Protesters gather outside the Georgian parliament in Tbilisi, Georgia, on May 26, 2026.
Georgian authorities are using repressive laws, funding restrictions, and politically motivated criminal investigations to dismantle independent civil society. New laws place virtually all foreign funding under strict government control, impose stigmatizing “foreign agent” labels, and threaten activists and independent groups with severe fines and prison sentences.The government should repeal these unjustifiable legal measures and allow independent groups to operate free from undue interference. Georgia’s international partners should step up their response by increasing the costs of repression, including through sanctions, and urgently expanding support for independent groups.
(Berlin, July 9, 2026) – Georgian authorities’ use of increasingly repressive laws and politically motivated criminal investigations is decimating independent civil society and silencing critical voices, Human Rights Watch said today.
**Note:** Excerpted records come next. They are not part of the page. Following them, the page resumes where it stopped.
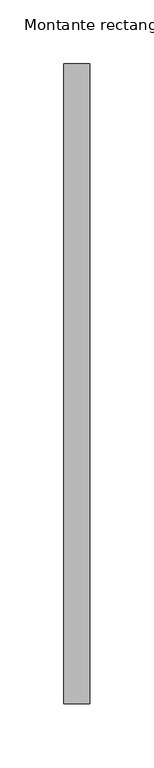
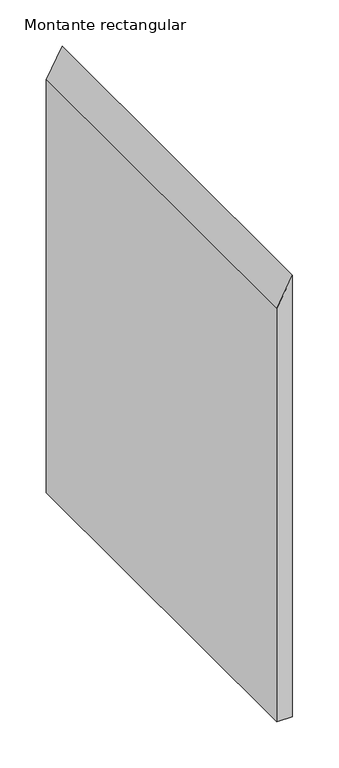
"""IFC4 building model written with IfcOpenShell, lengths in millimetres: member geometry, Montante rectangular : CIRCLES."""

from ifc_helpers import new_model, si_unit, frame, origin, place, context, project, spatial, polyline, outline, extrude, source, transform, mapped, element, save


def montante_rectangular_0c0e8d66(model_context):
    return source(origin(), model_context, "Body", "SweptSolid", [
        extrude(outline(polyline([(0.0, 0.0), (-37.4629345, -20.0), (-584.902879, -20.0), (-584.902879, 0.0), (0.0, 0.0)])), frame((0.0, -250.0, 0.0), z_axis=(0.0, 1.0, 0.0), x_axis=(0.0, 0.0, 1.0)), (0.0, 0.0, 1.0), 500.0),
    ])


if __name__ == "__main__":
    model = new_model("IFC4")
    model_context = context("Model", 3, world=origin())
    ifc_project = project(units=[si_unit("LENGTHUNIT", "METRE", prefix="MILLI")], contexts=[model_context])
    site = spatial("IfcSite", under=ifc_project)
    building = spatial("IfcBuilding", under=site)
    placement = place(None, origin())
    montante_rectangular_shape = montante_rectangular_0c0e8d66(model_context)
    element("IfcMember", 1, ObjectType="Montante rectangular : CIRCLES", at=placement, inside=building, context=model_context, shape_type="MappedRepresentation", body=[
        mapped(montante_rectangular_shape, transform((0.0, 0.0, 0.0), x_axis=(1.0, 0.0, 0.0), y_axis=(0.0, 1.0, 0.0), z_axis=(0.0, 0.0, 1.0))),
    ])
    save(model, "model.ifc")
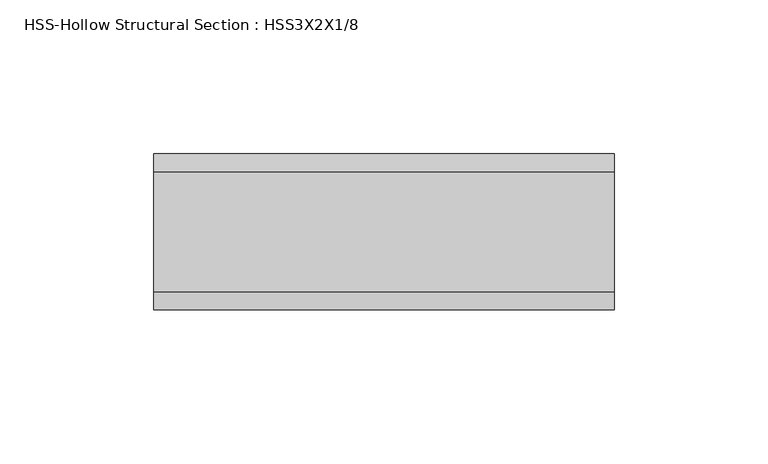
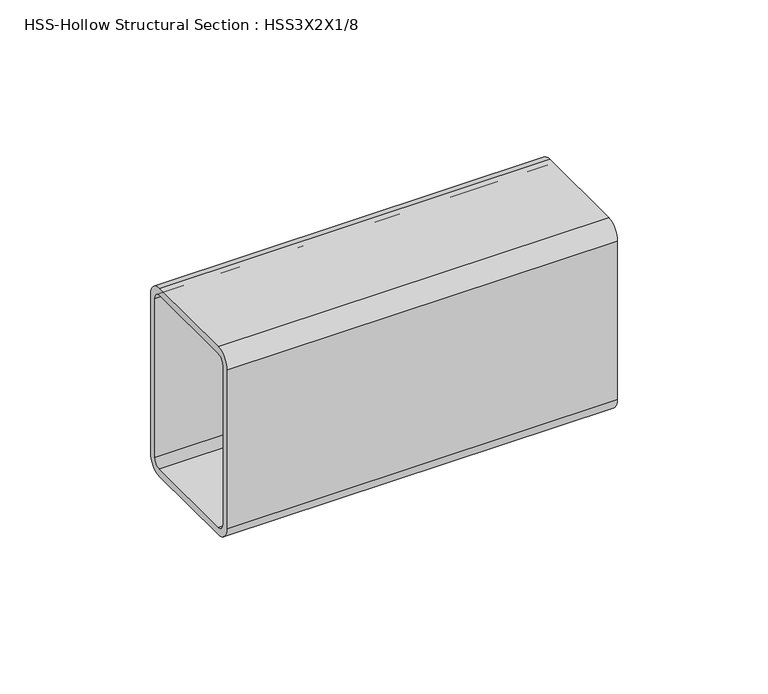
"""IFC4 building model written with IfcOpenShell, lengths in millimetres: beam geometry, HSS-Hollow Structural Section : HSS3X2X1/8."""

from ifc_helpers import new_model, si_unit, point, frame, frame_2d, origin, place, context, project, spatial, polyline, circle_curve, trimmed, segment, composite_curve, outline, extrude, source, transform, mapped, element, save


def hss_hollow_structural_section_hss3x2x1_8_a8fac2c2(model_context):
    return source(origin(), model_context, "Body", "SweptSolid", [
        extrude(outline(composite_curve([segment(polyline([(25.4, 32.2072), (25.4, -32.2072)]), True, "CONTINUOUS"), segment(trimmed(circle_curve(frame_2d((19.5072, -32.2072)), 5.8928), [point((25.4, -32.2072))], [point((19.5072, -38.1))], False, "CARTESIAN"), True, "CONTINUOUS"), segment(polyline([(19.5072, -38.1), (-19.5072, -38.1)]), True, "CONTINUOUS"), segment(trimmed(circle_curve(frame_2d((-19.5072, -32.2072)), 5.8928), [point((-19.5072, -38.1))], [point((-25.4, -32.2072))], False, "CARTESIAN"), True, "CONTINUOUS"), segment(polyline([(-25.4, -32.2072), (-25.4, 32.2072)]), True, "CONTINUOUS"), segment(trimmed(circle_curve(frame_2d((-19.5072, 32.2072)), 5.8928), [point((-25.4, 32.2072))], [point((-19.5072, 38.1))], False, "CARTESIAN"), True, "CONTINUOUS"), segment(polyline([(-19.5072, 38.1), (19.5072, 38.1)]), True, "CONTINUOUS"), segment(trimmed(circle_curve(frame_2d((19.5072, 32.2072)), 5.8928), [point((19.5072, 38.1))], [point((25.4, 32.2072))], False, "CARTESIAN"), True, "CONTINUOUS")], self_intersect=False), holes=[composite_curve([segment(trimmed(circle_curve(frame_2d((-19.5072, 32.2072)), 2.9464), [point((-19.5072, 35.1536))], [point((-22.4536, 32.2072))], True, "CARTESIAN"), True, "CONTINUOUS"), segment(polyline([(-22.4536, 32.2072), (-22.4536, -32.2072)]), True, "CONTINUOUS"), segment(trimmed(circle_curve(frame_2d((-19.5072, -32.2072)), 2.9464), [point((-22.4536, -32.2072))], [point((-19.5072, -35.1536))], True, "CARTESIAN"), True, "CONTINUOUS"), segment(polyline([(-19.5072, -35.1536), (19.5072, -35.1536)]), True, "CONTINUOUS"), segment(trimmed(circle_curve(frame_2d((19.5072, -32.2072)), 2.9464), [point((19.5072, -35.1536))], [point((22.4536, -32.2072))], True, "CARTESIAN"), True, "CONTINUOUS"), segment(polyline([(22.4536, -32.2072), (22.4536, 32.2072)]), True, "CONTINUOUS"), segment(trimmed(circle_curve(frame_2d((19.5072, 32.2072)), 2.9464), [point((22.4536, 32.2072))], [point((19.5072, 35.1536))], True, "CARTESIAN"), True, "CONTINUOUS"), segment(polyline([(19.5072, 35.1536), (-19.5072, 35.1536)]), True, "CONTINUOUS")], self_intersect=False)]), frame((-27.5505655, 0.0, 0.0), z_axis=(1.0, 0.0, 0.0), x_axis=(0.0, 1.0, 0.0)), (0.0, 0.0, 1.0), 149.7871723),
    ])


if __name__ == "__main__":
    model = new_model("IFC4")
    model_context = context("Model", 3, world=origin())
    ifc_project = project(units=[si_unit("LENGTHUNIT", "METRE", prefix="MILLI")], contexts=[model_context])
    site = spatial("IfcSite", under=ifc_project)
    building = spatial("IfcBuilding", under=site)
    placement = place(None, origin())
    hss_hollow_structural_section_hss3x2x1_8_shape = hss_hollow_structural_section_hss3x2x1_8_a8fac2c2(model_context)
    element("IfcBeam", 1, ObjectType="HSS-Hollow Structural Section : HSS3X2X1/8", at=placement, inside=building, context=model_context, shape_type="MappedRepresentation", body=[
        mapped(hss_hollow_structural_section_hss3x2x1_8_shape, transform((0.0, 0.0, 0.0), x_axis=(1.0, 0.0, 0.0), y_axis=(0.0, 1.0, 0.0), z_axis=(0.0, 0.0, 1.0))),
    ])
    save(model, "model.ifc")

Since 2024, Georgia’s ruling party has adopted laws that impose stigmatizing registration requirements, invasive state oversight, funding restrictions, and criminal penalties on nongovernmental organizations, individuals, and media outlets receiving foreign funding. The authorities have also launched investigations into activists and rights defenders for providing information to international organizations and foreign media and frozen the bank accounts of prominent civic groups under a dubious criminal investigation following protests in 2024.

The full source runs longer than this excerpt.